Psychiatric hospitalization in Ontario: the revolving door in perspective.

作者信息

Woogh C M, Meier H M, Eastwood M R

出版信息

Can Med Assoc J. 1977 Apr 23;116(8):876-81.

Abstract

Ontario government statistics have indicated that during the 1960s the proportion of readmissions to psychiatric hospitals doubled to form two thirds of all admissions. Since this pertained to events rather than to individuals, a cohort of patients first admitted in 1969 was followed for 4 years to trace the pattern of readmission and the characteristics of patients at risk of readmission. Routinely returned data were linked and a sample from the greater metropolitan Toronto area was randomly selected. Of the cohort, 31% were readmitted, 8% three or more times. Age and diagnosis distinguished those readmitted. Most with multiple readmissions were under 25 years of age.
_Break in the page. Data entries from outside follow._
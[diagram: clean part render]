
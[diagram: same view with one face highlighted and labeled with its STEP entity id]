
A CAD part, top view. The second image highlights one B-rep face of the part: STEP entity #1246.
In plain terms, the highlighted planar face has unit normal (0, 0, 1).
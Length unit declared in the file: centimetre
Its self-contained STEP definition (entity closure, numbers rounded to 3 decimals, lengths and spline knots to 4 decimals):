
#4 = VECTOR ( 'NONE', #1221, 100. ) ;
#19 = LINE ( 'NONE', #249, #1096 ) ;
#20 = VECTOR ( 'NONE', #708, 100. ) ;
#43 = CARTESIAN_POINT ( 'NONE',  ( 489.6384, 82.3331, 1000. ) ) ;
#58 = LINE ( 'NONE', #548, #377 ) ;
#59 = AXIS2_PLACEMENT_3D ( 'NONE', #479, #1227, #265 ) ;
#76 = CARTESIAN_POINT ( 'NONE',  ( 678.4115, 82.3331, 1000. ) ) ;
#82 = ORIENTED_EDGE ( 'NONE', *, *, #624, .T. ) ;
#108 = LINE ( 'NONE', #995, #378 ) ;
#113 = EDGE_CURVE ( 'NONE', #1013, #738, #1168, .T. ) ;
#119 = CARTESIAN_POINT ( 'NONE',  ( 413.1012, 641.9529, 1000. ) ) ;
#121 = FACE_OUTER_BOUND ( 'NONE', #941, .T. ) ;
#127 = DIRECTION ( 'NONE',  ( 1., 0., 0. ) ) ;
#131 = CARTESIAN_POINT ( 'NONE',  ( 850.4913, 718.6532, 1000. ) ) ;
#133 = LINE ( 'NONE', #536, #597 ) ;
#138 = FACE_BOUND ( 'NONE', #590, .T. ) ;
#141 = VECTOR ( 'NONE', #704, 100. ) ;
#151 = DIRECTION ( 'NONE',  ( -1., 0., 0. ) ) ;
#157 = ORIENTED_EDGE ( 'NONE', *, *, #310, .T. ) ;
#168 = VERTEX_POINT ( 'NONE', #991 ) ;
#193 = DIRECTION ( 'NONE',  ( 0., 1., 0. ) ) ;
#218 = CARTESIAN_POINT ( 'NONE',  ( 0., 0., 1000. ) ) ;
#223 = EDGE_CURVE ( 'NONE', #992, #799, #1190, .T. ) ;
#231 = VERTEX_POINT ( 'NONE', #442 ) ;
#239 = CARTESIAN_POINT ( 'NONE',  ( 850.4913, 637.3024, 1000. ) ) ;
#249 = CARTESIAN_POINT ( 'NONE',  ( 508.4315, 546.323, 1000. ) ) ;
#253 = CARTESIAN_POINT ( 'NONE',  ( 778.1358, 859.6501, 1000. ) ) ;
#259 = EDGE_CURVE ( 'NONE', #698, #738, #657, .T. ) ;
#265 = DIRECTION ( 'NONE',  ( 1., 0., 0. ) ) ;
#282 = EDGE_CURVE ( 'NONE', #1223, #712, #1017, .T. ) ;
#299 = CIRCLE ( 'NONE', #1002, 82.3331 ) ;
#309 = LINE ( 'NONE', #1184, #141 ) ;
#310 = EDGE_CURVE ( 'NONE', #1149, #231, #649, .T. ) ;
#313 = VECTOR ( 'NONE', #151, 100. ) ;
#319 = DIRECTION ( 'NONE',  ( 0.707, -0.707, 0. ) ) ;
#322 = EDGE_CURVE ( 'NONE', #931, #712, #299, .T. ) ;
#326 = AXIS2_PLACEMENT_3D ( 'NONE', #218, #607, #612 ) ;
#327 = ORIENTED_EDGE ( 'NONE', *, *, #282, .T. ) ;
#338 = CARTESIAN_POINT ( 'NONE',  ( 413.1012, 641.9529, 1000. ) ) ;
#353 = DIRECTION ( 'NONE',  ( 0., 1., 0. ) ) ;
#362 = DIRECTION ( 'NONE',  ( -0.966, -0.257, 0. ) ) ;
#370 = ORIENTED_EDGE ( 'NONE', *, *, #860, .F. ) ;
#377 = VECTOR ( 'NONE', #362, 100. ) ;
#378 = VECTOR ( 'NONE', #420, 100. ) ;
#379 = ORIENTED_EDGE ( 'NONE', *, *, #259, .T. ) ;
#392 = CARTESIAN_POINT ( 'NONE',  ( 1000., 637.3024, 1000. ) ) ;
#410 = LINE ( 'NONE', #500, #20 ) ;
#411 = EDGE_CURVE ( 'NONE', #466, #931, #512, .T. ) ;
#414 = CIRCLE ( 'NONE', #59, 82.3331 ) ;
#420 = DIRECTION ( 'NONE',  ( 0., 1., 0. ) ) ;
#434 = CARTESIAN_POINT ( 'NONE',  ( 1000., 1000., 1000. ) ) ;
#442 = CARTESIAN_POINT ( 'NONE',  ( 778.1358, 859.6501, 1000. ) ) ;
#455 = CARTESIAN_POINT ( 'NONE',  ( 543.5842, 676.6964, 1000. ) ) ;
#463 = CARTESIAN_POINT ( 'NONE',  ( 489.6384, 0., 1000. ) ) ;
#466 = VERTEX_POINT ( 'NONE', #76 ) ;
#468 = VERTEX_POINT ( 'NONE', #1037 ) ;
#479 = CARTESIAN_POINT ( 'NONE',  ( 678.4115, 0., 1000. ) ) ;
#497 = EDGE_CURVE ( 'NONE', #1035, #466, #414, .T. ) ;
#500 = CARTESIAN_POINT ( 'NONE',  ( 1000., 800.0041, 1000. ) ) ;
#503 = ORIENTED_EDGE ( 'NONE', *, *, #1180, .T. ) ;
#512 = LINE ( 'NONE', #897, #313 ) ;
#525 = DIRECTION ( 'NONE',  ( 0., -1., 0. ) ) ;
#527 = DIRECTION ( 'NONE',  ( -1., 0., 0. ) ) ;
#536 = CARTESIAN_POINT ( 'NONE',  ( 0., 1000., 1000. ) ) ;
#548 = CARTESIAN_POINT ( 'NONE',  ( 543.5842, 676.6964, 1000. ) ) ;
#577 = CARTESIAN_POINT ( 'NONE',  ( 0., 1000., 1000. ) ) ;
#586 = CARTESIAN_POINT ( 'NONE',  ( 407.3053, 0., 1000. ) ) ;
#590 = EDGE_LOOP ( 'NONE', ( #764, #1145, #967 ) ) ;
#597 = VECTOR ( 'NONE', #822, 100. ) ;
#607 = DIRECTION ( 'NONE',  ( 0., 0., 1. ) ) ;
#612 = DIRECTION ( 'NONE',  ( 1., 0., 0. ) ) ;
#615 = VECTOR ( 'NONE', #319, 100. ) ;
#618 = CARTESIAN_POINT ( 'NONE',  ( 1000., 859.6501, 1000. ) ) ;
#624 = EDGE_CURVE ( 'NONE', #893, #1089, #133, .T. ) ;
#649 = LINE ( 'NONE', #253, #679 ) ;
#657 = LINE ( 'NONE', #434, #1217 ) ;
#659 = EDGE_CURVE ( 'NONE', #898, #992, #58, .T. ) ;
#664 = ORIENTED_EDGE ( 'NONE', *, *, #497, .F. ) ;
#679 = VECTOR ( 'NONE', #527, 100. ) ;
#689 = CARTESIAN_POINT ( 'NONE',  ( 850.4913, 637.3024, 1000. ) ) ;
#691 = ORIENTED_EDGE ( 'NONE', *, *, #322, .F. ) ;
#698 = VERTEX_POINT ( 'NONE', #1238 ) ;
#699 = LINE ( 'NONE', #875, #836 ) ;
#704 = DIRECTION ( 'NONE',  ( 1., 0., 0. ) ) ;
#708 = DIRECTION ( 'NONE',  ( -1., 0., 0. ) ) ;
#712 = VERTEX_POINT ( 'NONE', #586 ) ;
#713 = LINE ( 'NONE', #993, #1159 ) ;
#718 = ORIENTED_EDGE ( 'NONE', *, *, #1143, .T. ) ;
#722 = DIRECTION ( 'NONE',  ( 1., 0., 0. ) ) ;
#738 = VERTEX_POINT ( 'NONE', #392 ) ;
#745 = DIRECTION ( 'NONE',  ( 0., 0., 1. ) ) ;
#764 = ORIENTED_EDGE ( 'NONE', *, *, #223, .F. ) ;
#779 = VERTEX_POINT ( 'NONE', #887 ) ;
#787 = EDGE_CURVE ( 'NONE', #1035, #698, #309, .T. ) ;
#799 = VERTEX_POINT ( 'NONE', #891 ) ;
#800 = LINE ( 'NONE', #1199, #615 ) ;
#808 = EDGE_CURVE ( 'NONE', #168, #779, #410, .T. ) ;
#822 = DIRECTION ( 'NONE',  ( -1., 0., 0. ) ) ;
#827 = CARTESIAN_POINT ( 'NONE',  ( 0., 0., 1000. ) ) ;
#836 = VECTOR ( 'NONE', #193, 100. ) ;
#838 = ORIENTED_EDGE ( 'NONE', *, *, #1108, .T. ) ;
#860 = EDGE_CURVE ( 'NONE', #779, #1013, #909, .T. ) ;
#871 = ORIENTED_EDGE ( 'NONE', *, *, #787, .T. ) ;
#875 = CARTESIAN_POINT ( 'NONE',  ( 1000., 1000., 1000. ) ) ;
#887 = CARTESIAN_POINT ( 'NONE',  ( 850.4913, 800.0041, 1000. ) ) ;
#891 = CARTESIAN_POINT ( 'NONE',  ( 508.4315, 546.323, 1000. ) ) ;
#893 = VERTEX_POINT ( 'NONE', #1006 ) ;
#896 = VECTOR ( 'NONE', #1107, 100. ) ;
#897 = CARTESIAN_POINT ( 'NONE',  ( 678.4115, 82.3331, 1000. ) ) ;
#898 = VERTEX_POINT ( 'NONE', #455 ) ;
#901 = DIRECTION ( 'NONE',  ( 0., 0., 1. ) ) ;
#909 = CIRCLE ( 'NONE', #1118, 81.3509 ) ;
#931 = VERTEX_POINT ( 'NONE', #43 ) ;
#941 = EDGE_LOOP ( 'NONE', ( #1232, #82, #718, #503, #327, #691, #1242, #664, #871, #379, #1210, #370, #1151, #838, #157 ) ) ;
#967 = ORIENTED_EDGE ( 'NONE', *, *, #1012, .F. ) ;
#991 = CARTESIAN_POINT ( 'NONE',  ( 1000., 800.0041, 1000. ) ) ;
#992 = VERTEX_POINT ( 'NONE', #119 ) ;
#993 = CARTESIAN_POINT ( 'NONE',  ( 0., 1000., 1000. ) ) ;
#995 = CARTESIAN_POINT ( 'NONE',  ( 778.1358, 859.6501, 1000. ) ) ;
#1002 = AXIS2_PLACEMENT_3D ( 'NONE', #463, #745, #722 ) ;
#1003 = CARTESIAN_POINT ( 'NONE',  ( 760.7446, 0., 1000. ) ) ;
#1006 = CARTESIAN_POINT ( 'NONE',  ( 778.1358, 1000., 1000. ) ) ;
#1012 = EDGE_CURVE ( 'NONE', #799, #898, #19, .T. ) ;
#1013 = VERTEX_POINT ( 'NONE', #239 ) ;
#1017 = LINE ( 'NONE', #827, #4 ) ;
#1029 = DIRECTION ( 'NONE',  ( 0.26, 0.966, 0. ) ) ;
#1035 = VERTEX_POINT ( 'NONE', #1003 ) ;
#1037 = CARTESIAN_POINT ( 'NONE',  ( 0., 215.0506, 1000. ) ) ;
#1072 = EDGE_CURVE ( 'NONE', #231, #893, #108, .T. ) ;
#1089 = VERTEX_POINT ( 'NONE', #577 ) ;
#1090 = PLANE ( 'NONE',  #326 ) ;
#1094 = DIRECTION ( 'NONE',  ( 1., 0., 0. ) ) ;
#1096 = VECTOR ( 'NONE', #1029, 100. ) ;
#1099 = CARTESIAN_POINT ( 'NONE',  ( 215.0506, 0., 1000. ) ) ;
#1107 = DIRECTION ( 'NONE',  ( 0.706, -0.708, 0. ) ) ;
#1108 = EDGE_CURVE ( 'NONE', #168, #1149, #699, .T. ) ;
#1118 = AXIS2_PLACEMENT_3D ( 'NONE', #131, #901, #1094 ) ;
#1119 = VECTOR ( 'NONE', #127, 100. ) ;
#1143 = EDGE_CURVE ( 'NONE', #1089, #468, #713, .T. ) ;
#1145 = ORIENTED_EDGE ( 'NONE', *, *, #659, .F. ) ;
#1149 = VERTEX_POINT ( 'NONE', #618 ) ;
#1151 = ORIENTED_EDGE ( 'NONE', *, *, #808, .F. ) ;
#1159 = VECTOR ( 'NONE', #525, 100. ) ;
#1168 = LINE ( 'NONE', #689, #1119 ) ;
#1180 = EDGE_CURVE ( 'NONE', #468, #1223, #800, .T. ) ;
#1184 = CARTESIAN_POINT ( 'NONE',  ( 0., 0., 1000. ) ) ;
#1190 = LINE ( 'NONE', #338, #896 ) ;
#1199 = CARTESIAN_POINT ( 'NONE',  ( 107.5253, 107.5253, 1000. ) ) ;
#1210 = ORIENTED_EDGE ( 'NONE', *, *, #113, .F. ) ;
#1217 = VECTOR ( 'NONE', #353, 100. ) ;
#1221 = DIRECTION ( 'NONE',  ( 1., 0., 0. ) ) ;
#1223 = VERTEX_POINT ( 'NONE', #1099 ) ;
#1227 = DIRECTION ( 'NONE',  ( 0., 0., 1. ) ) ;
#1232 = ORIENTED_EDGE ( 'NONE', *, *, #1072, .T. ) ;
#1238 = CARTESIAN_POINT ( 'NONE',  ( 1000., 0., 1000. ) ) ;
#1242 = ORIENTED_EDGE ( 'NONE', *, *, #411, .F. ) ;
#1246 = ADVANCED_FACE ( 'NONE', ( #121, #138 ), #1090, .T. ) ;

Although diagnoses were equally distributed on first admission among psychotic, neurotic and other nonpsychotic disorders, with no significant change on readmission or multiple readmission, there was a predictably greater proportion of functional psychoses among the high-risk group and also an equal representation of personality, addictive and the remaining nonpsychotic conditions. The vulnerable few are identifiable early in their intermittent hospital career. It can be concluded that statistics suggesting that two thirds of admissions are readmissions are misleading.

摘要

安大略省政府的统计数据表明,在20世纪60年代,精神病院再次入院的比例翻了一番,占所有入院人数的三分之二。由于这涉及事件而非个人,因此对1969年首次入院的一组患者进行了4年的跟踪,以追踪再次入院的模式以及有再次入院风险的患者特征。将常规返回的数据进行关联,并从大多伦多地区随机抽取样本。在该队列中,31%的患者再次入院,8%的患者再次入院三次或更多次。年龄和诊断结果能够区分出再次入院的患者。大多数多次再次入院的患者年龄在25岁以下。尽管首次入院时,精神病、神经症和其他非精神病性障碍的诊断分布均匀,再次入院或多次再次入院时也没有显著变化,但高危组中功能性精神病的比例预计会更高,人格障碍、成瘾性疾病和其他非精神病性疾病的比例也相当。少数易受影响的患者在其间歇性住院治疗过程中可以早期识别。可以得出结论,表明三分之二的入院患者是再次入院患者的统计数据具有误导性。